Proof. By hypothesis, $f(x + 4f(y)) > f(y),\forall x,y>0$.
Hence, if there exists $y>0$ s.t. $4f(y)<y$, setting $x=y-4f(y)$ in the above inequality we get $f(y)>f(y)$, absurd.
Claim 2. $4f(x)\geq f(y),\forall x>y>0$.
Proof. Applying Claim 1 to the given functional equation, we obtain $$xf(x+3y)+f(x)f(y)\geq \dfrac{f(x)f(x + 4f(y))}{4} ,\forall x,y>0$$$\Rightarrow 4f(x+3y)\geq f(x),\forall x,y>0\Rightarrow 4f(x)\geq f(y),\forall x>y>0$.
Claim 3. $\inf f = 0$.
Proof. Assume there exists a constant $c>0$ such that $f(x)\geq c,\forall x>0$.
We have $$f(x + 4f(y)) = \dfrac{x}{f(x)}f(x + 3y) + f(y),\forall x,y>0$$Since $f(x)\geq c,\forall x>0$, letting $x\to 0^+$ we have $\lim_{x\to 4f(y)^{+}}f(x)=f(y) ,\forall y>0$.

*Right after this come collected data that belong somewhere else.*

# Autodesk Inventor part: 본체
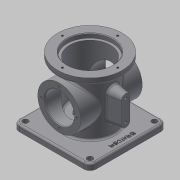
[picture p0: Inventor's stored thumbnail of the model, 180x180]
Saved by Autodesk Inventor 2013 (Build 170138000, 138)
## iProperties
Created: 2017-08
Part Number: 본체
Material: 일반
Document SubType Name: Modeling
Designer: mduedu
Density: 1 g/cm^3
Mass: 350.938 g
Surface Area: 966.502 cm^2
Volume: 350.938 cm^3
Author: mduedu
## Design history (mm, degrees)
sketch "스케치1"
  geometry: L1 (-62.5, -62.5)-(62.5, -62.5); L2 (62.5, -62.5)-(62.5, 62.5); L3 (62.5, 62.5)-(-62.5, 62.5); L4 (-62.5, 62.5)-(-62.5, -62.5); L5 (-62.5, -62.5)-(62.5, 62.5); L6 (62.5, -62.5)-(-62.5, 62.5); 1 further point
  constraints: 12 end point, 2 midpoint, 2 parallel, 1 horizontal, 1 perpendicular
  dimensions: "d232" = 125 distance of L3.end L2.end; "d233" = 125 distance of L2.end L1.end
extrude "돌출1" new body sketch "스케치1" distance "d5" = 10; taper "d6" = 0 deg
sketch "스케치2"
  geometry: C1 r 38 at (0, 0); 1 further point
  constraints: 1 centre point, 1 coincident
  dimensions: "d111" = 76 diameter of C1
extrude "돌출2" join sketch "스케치2" distance "d12" = 88; taper "d13" = 0 deg
sketch "스케치3"
  geometry: C1 r 52.5 at (0, 0); 1 further point
  constraints: 1 centre point, 1 coincident
  dimensions: "d114" = 105 diameter of C1
extrude "돌출3" join sketch "스케치3" distance "d19" = 10; taper "d20" = 0 deg
sketch "스케치4"
  geometry: C1 r 33 at (0, 0); 1 further point
  constraints: 1 centre point, 1 coincident
  dimensions: "d115" = 66 diameter of C1
extrude "돌출4" cut sketch "스케치4" distance "d26" = 86; taper "d27" = 0 deg
sketch "스케치5"
  geometry: C1 r 37 at (0, 0); 1 further point
  constraints: 1 centre point, 1 coincident
  dimensions: "d116" = 74 diameter of C1
extrude "돌출5" cut sketch "스케치5" distance "d29" = 7; taper "d30" = 0 deg
node "작업 평면1"
sketch "스케치18"
  geometry: L1 (-62.5, 0)-(62.5, 0) reference; C1 r 35 at (0, 54); 1 further point
  constraints: 1 centre point, 1 vertical alignment
  dimensions: "d118" = 70 diameter of C1; "d234" = 54 distance from line of C1.centre L1
extrude "돌출9" join sketch "스케치18" stored distance "d120" = 10; taper "d121" = 0 deg
hole "구멍8" diameter "d124" = 48; stored, may be unused: countersink angle "d128" = 90 deg, drill point angle "d130" = 118 deg; dims "d122" = 10, "d123" = 10, "d125" = 6, "d126" = 4, "d127" = 2, "d129" = 8
sketch "스케치9"
  geometry: C1 r 33 at (0, 0); 1 further point
  constraints: 1 centre point, 1 coincident
  dimensions: "d131" = 66 diameter of C1
extrude "돌출8" cut sketch "스케치9" distance "d43" = 16; taper "d44" = 0 deg
node "작업 평면2"
fillet "모깎기9" dims "d137" = 3
fillet "모깎기10" dims "d138" = 3
chamfer "모따기2" distance "d139" = 1; stored, may be unused: second distance "d140" = 2, angle "d141" = 45 deg
fillet "모깎기11" dims "d142" = 3
fillet "모깎기12" dims "d143" = 3
fillet "모깎기13" dims "d144" = 3
node "작업 평면3"
sketch "스케치20"
  geometry: L1 (108, -52.5)-(108, 52.5) reference; L2 (37, 7)-(71, 7); L3 (37, -7)-(71, -7); L4 (0, -33)-(0, 33) reference; A1 r 7 centre (37, 0) between (37, 7) and (37, -7); A2 r 7 centre (71, 0) between (71, 7) and (71, -7); 1 further point
  constraints: 4 end point, 4 point on circle, 3 tangent, 2 centre point, 2 horizontal alignment, 1 parallel, 1 perpendicular
  dimensions: "d203" = 14 diameter of A1; "d206" = 30 distance edge to line of A2 L1; "d207" = 48 dimension on A2 A1 (derived); "d236" = 30 distance edge to line of A1 L4
extrude "돌출10" join sketch "스케치20" stored distance "d152" = 10; taper "d153" = 10 deg
sketch "스케치21"
  geometry: C1 r 7 at (0, 71) reference; C2 r 7 at (0, 37) reference; 3 further points
  constraints: 2 coincident
hole "구멍12" sketch "스케치21" at (0, 71), (0, 37) diameter "d219" = 4.134; stored, may be unused: countersink angle "d223" = 90 deg, drill point angle "d225" = 118 deg; dims "d220" = 6, "d221" = 4, "d222" = 2, "d224" = 8
fillet "모깎기18" dims "d229" = 3
sketch "스케치23"
  geometry: C1 r 20 at (0, 0); 1 further point
  constraints: 1 centre point, 1 coincident
  dimensions: "d168" = 40 diameter of C1
extrude "돌출12" cut sketch "스케치23" stored distance "d169" = 148.25; taper "d170" = 0 deg
sketch "스케치28"
  geometry: L1 (62.5, -62.5)-(62.5, 62.5) reference; 2 further points
  constraints: 1 horizontal alignment, 1 other
  dimensions: "d238" = 10 distance from line of point (52.5, 0) L1
feature "엠보싱4" sketch "스케치28" dims "d239" = 0.5, "d240" = 0
sketch "스케치25" dims "d178" = 58
  geometry: C1 r 35 at (0, 0) reference; 3 further points
  constraints: 2 vertical alignment, 1 coincident, 2 other
hole "구멍10" sketch "스케치25" at (0, 29) diameter "d179" = 3.242; stored, may be unused: countersink angle "d183" = 90 deg, drill point angle "d185" = 118 deg; dims "d180" = 4, "d181" = 4, "d182" = 2, "d184" = 6
sketch "스케치26" dims "d189" = 90
  geometry: 3 further points
  constraints: 2 vertical alignment, 1 coincident, 2 other
hole "구멍11" sketch "스케치26" at (0, 45) diameter "d190" = 3.242; stored, may be unused: countersink angle "d194" = 90 deg, drill point angle "d196" = 118 deg; dims "d191" = 4, "d192" = 4, "d193" = 2, "d195" = 6
chamfer "모따기4" distance "d200" = 1; stored, may be unused: second distance "d201" = 2, angle "d202" = 45 deg
fillet "모깎기19" dims "d241" = 10
sketch "스케치29"
  geometry: A1 r 10 centre (-52.5, 52.5) between (-52.5, 62.5) and (-62.5, 52.5) reference; A2 r 10 centre (52.5, 52.5) between (62.5, 52.5) and (52.5, 62.5) reference; A3 r 10 centre (52.5, -52.5) between (52.5, -62.5) and (62.5, -52.5) reference; A4 r 10 centre (-52.5, -52.5) between (-62.5, -52.5) and (-52.5, -62.5) reference; 5 further points
  constraints: 4 coincident
hole "구멍13" sketch "스케치29" at (-52.5, 52.5), (52.5, 52.5), (52.5, -52.5), (-52.5, -52.5) diameter "d242" = 9; stored, may be unused: countersink angle "d246" = 90 deg, drill point angle "d248" = 118 deg; dims "d243" = 6, "d244" = 4, "d245" = 2, "d247" = 8
fillet "모깎기20" dims "d249" = 3
node "솔리드1"
mirror "대칭2"
pattern_circular "원형 패턴1" dims angle "d187" = 360 deg
mirror "대칭3"
pattern_circular "원형 패턴2" dims angle "d198" = 360 deg
other parameters: "d147" = 58
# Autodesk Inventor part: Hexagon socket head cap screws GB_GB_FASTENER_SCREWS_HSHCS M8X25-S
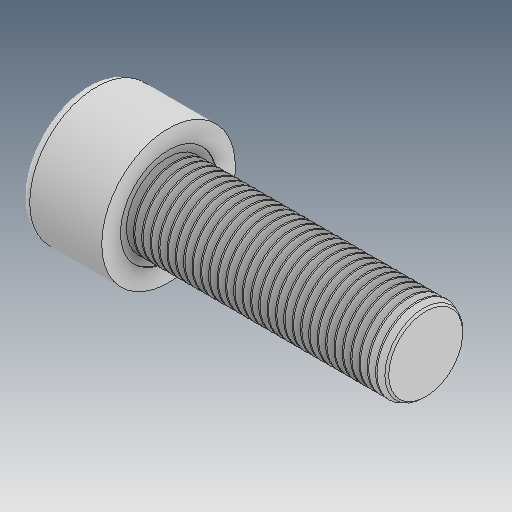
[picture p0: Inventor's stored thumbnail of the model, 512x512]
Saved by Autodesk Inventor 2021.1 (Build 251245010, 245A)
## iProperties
Created: 2013-04
Part Number: Hexagon socket head cap screws GB_GB_FASTENER_SCREWS_HSHCS M8X25-S
Material: Ogólny
Document SubType Name: Modeling
Designer: user
Density: 1 g/cm^3
Appearance: Domyślna
Author: user
Revision Number: ÈÎºÎ
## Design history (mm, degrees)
feature "LPattern10"
node "Bryła1"

Moreover, $f(x)f(x + 4f(y))\geq xf(x + 3y) + cf(x),\forall x,y>0$
$\Rightarrow f(4f(x))f(4f(x) + 4f(y)) \geq 4f(x)f(4f(x) + 3y) + cf(4f(x)),\forall x,y>0$.
Therefore, letting $y\to 0^+$ we have $f(4f(x))f(x) \geq 4f^2(x) + cf(4f(x)),\forall x>0\Rightarrow f(4f(x))>4f(x)$.
This contradicts Claim 2 since $f(4f(x))\leq 4\lim_{y\to 4f(x)^{+}}f(y) = 4f(x)$.
Claim 4. $\lim_{x\to 0^{+}}f(x) = 0$.
Proof. For all $\varepsilon>0$, by Claim 3, there exists some $\delta >0$ s.t. $f(\delta) < \varepsilon/4$.
By Claim 2, $f(x)\leq 4f(\delta) <\varepsilon,\forall x<\delta$. Hence, $\lim_{x\to 0^+}f(x) = 0$.
Claim 5. $f(x) = x,\forall x>0$.
Proof. From the given functional equation, we obtain $$\dfrac{f(x + 4f(y))}{f(x + 3y)} = \dfrac{x}{f(x)} + \dfrac{f(y)}{f(x + 3y)},\forall x,y>0$$Hence, $\lim_{y\to 0^+}\dfrac{f(x + 4f(y))}{f(x + 3y)} = \dfrac{x}{f(x)}$. Define $$T_0(y) = y, \quad T_{n}(y) = 4f\left(\dfrac{T_{n-1}(y)}{3}\right),\forall n\in\mathbb N$$Then, $$\lim_{y\to 0^+}\dfrac{f(x + T_n(y))}{f(x+T_{n-1}(y))} =\dfrac{x}{f(x)},\forall y>0,n\in\mathbb N$$$\Rightarrow \lim_{y\to 0^{+}}\dfrac{f(x +T_n(y))}{f(x + y)} = \left(\dfrac{x}{f(x)}\right)^n,\forall y>0,n\in\mathbb N$.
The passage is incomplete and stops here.